Bullying: The Deadly Life Changer | Teen Ink

Bullying: The Deadly Life Changer

July 6, 2016
By GeorgiaStencel BRONZE, London, Other
GeorgiaStencel BRONZE, London, Other
2 articles 0 photos 0 comments

Favorite Quote:
"Float like a butterfly, sting like a bee." - Muhummad Ali


I'm a victim of bullying. 


I've been subjected to countless threats, 'jokes', and violent attacks throughout the majority of my life. Shortly after I joined my secondary school, the bullying that I was dominated by had taken the turn for the worst - I became seriously depressed and I was even terrified to leave my house to make the journey to school, or even be at the place that I considered safe.

  
In my younger years, the bullying I experienced was just mere side remarks and empty remarks – but there are some events where I was abused to the point that I came home with bumps and bruises. In primary school, I got used to the threats and remarks because I was too scared to tell anyone as I had this fear of it getting worse if I asked for help. My friends would often chant to me that "sticks and stones may break my bones, but words will never hurt me", but there were times where I would go home in tears because what people had told me had deeply affected me. But when I started secondary school I had anticipated a fresh start, where I wasn't going to get bullied for my looks or for whatever other reason that I was bullied for. At first, it was only one person who would push me into doors on my way to lessons but then – gradually – more and more people seemed to join this person until there was roughly about four or so people who would attack me in the corridors, and even on the way home.

  
But there was one time, when I was twelve, that had gotten extremely bad.  

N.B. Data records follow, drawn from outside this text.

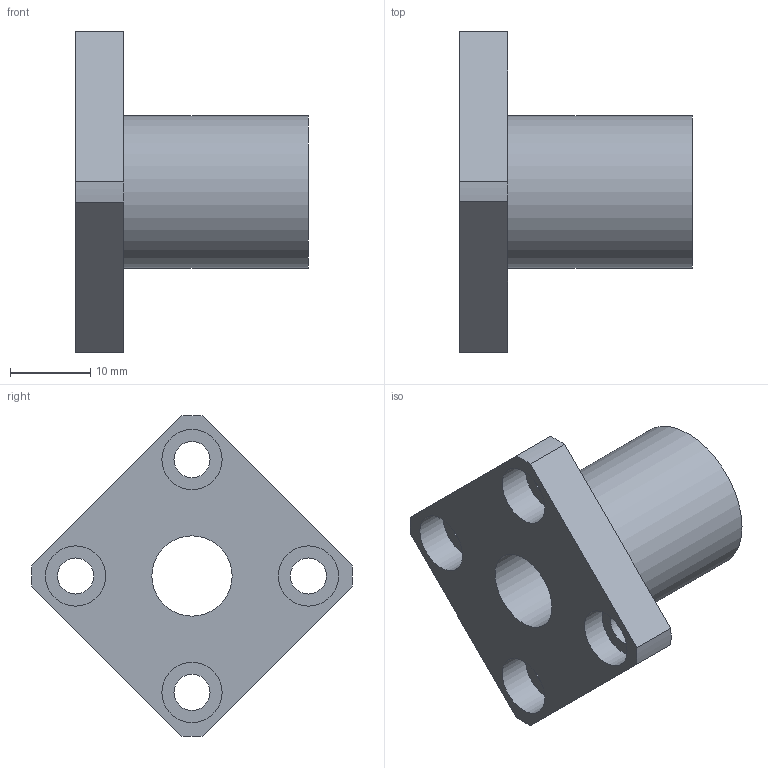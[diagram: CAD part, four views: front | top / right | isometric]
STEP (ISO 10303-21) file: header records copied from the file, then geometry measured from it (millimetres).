
FILE_DESCRIPTION( ( 'STEP AP203' ), '1' );
FILE_NAME( 'p:/temp/worker_6/temp/exporttempdir_3456_2051_iclgV/format_0/LMEK10UU.stp', '2020-05-07T05:45:30', ( 'License CC BY-ND 4.0' ), ( 'CADENAS' ), ' ', 'PARTsolutions', ' ' );
FILE_SCHEMA( ( 'CONFIG_CONTROL_DESIGN' ) );
Length unit declared in the file: millimetre
Products named in the file (1): _LMEK10UU
Bounding box: 29 x 39.99 x 39.99 mm (x, y, z)
Volume: 8790.3 mm3; surface area: 4967.2 mm2
Topology: 1 solids, 1 shells, 25 faces, 55 edges, 37 vertices
Faces by surface type: cylinder 14, plane 11
Full cylindrical faces by diameter (mm): 4.5 x4, 7.5 x4, 10 x1, 19 x1
Entity records: 710 total; most frequent: DIRECTION 124, CARTESIAN_POINT 106, ORIENTED_EDGE 88, AXIS2_PLACEMENT_3D 54, EDGE_LOOP 50, EDGE_CURVE 44, VERTEX_POINT 36, FACE_OUTER_BOUND 35
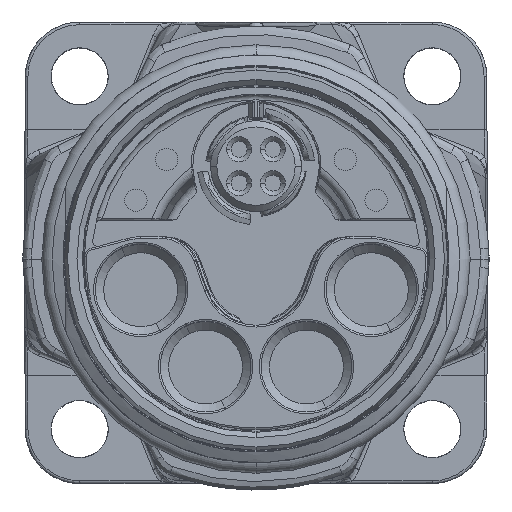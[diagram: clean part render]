
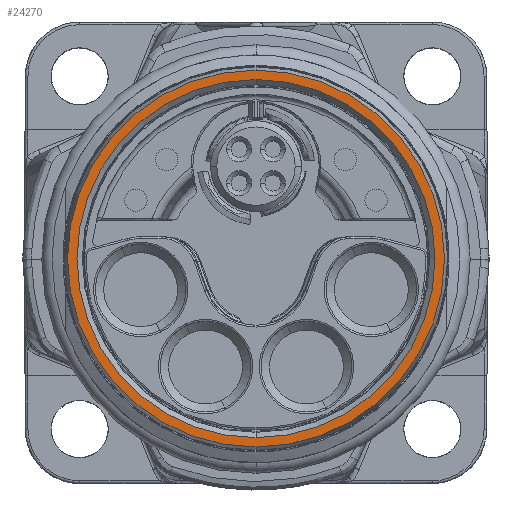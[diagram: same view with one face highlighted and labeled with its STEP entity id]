
A CAD part, top view. The second image highlights one B-rep face of the part: STEP entity #24270.
In plain terms, the highlighted planar face has unit normal (0, 0, 1).
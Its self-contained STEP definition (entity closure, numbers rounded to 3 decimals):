
#3049=CARTESIAN_POINT('',(0.,0.,16.15));
#3050=DIRECTION('',(0.,0.,1.));
#3051=DIRECTION('',(0.,1.,0.));
#3052=AXIS2_PLACEMENT_3D('',#3049,#3050,#3051);
#3054=CARTESIAN_POINT('',(0.,0.,16.15));
#3055=DIRECTION('',(0.,0.,-1.));
#3056=DIRECTION('',(0.,1.,0.));
#3057=AXIS2_PLACEMENT_3D('',#3054,#3055,#3056);
#3059=CARTESIAN_POINT('',(0.,0.,16.15));
#3060=DIRECTION('',(0.,0.,1.));
#3061=DIRECTION('',(0.,1.,0.));
#3062=AXIS2_PLACEMENT_3D('',#3059,#3060,#3061);
#3064=CARTESIAN_POINT('',(0.,0.,16.15));
#3065=DIRECTION('',(0.,0.,1.));
#3066=DIRECTION('',(0.,-1.,0.));
#3067=AXIS2_PLACEMENT_3D('',#3064,#3065,#3066);
#17396=CARTESIAN_POINT('',(0.,10.578,16.15));
#17398=VERTEX_POINT('',#17396);
#17404=CARTESIAN_POINT('',(0.,-10.578,16.15));
#17406=VERTEX_POINT('',#17404);
#17407=CARTESIAN_POINT('',(0.,10.05,16.15));
#17408=CARTESIAN_POINT('',(0.,-10.05,16.15));
#17409=VERTEX_POINT('',#17407);
#17410=VERTEX_POINT('',#17408);
#24255=CARTESIAN_POINT('',(0.,0.,16.15));
#24256=DIRECTION('',(0.,0.,-1.));
#24257=DIRECTION('',(0.,-1.,0.));
#24258=AXIS2_PLACEMENT_3D('',#24255,#24256,#24257);
#24259=PLANE('',#24258);
#24260=ORIENTED_EDGE('',*,*,#24220,.F.);
#24261=ORIENTED_EDGE('',*,*,#24243,.T.);
#24262=EDGE_LOOP('',(#24260,#24261));
#24263=FACE_OUTER_BOUND('',#24262,.F.);
#24265=ORIENTED_EDGE('',*,*,#24264,.T.);
#24267=ORIENTED_EDGE('',*,*,#24266,.T.);
#24268=EDGE_LOOP('',(#24265,#24267));
#24269=FACE_BOUND('',#24268,.F.);
#3053=CIRCLE('',#3052,10.578);
#3058=CIRCLE('',#3057,10.578);
#3063=CIRCLE('',#3062,10.05);
#3068=CIRCLE('',#3067,10.05);
#24220=EDGE_CURVE('',#17398,#17406,#3053,.T.);
#24243=EDGE_CURVE('',#17398,#17406,#3058,.T.);
#24264=EDGE_CURVE('',#17409,#17410,#3063,.T.);
#24266=EDGE_CURVE('',#17410,#17409,#3068,.T.);
#24270=ADVANCED_FACE('',(#24263,#24269),#24259,.F.);

I was making my way home where I bumped into one of the girls who made my life a living hell at my school at my bus stop. She was with her friend, I was, unfortunately, alone. Upon seeing me, this girl sprung on me yelling threats at me until she came up close to my face spitting at me. She grabbed the back of my hair and slammed it into the nearest lamppost. And sadly for me, my attacker was getting the same bus home as me. I got onto the bus straight away and moved swiftly to the back of the bus where there were three adult women. Three stops before the terminus, the girl and her friend came to the back and started to attack me again - my main attacker kicked and punched me until I fell off of my seat and her friend recorded the entire ordeal. The women who I sat next to refused to do anything, but they only watched. They left me alone as they got off the bus and I started to make my own way home bleary-eyed and covered in red marks and scratches. Eventually one of the women came to me and asked if I was alright but I just nodded my head but, in fact, I wasn't.  


My mum emailed my school as she was outraged that I was attacked in this way, and my bully was kicked out of my school. But as soon as that email was sent I was terrified that something was going to happen. Thankfully, nothing did. But that fear remained with me for the best part of a year.  


Now that I'm not being bullied to the extent that I was when I first joined my secondary school, I'm suffering quite badly from mental health issues as a result of the violent attacks that I went through and from low self-esteem as I was – still am in some aspects – body shamed. My bullying may have ended, but it doesn’t mean that I'm still suffering from the ordeal that I was subjected to. Thanks to what a small group of people has done to me, I'm now anxious to go to places on my own, and I'm still deeply affected by some of the rude remarks that people still throw at me. Even now, my heart races whenever I think of the incident on the bus – it will be something that will stay with me for the rest of my life and I cannot do anything to change or avert it. If I spoke to a teacher at my secondary school when the bullying first began, I feel that things wouldn't have gotten so out of hand.  


Bullying has made my life a struggle at times, and I hate the fact that people still go through it – no matter how big or small the problem is, bullying will change a person's life drastically and their experiences will stay with them for, possibly, the rest of their lives.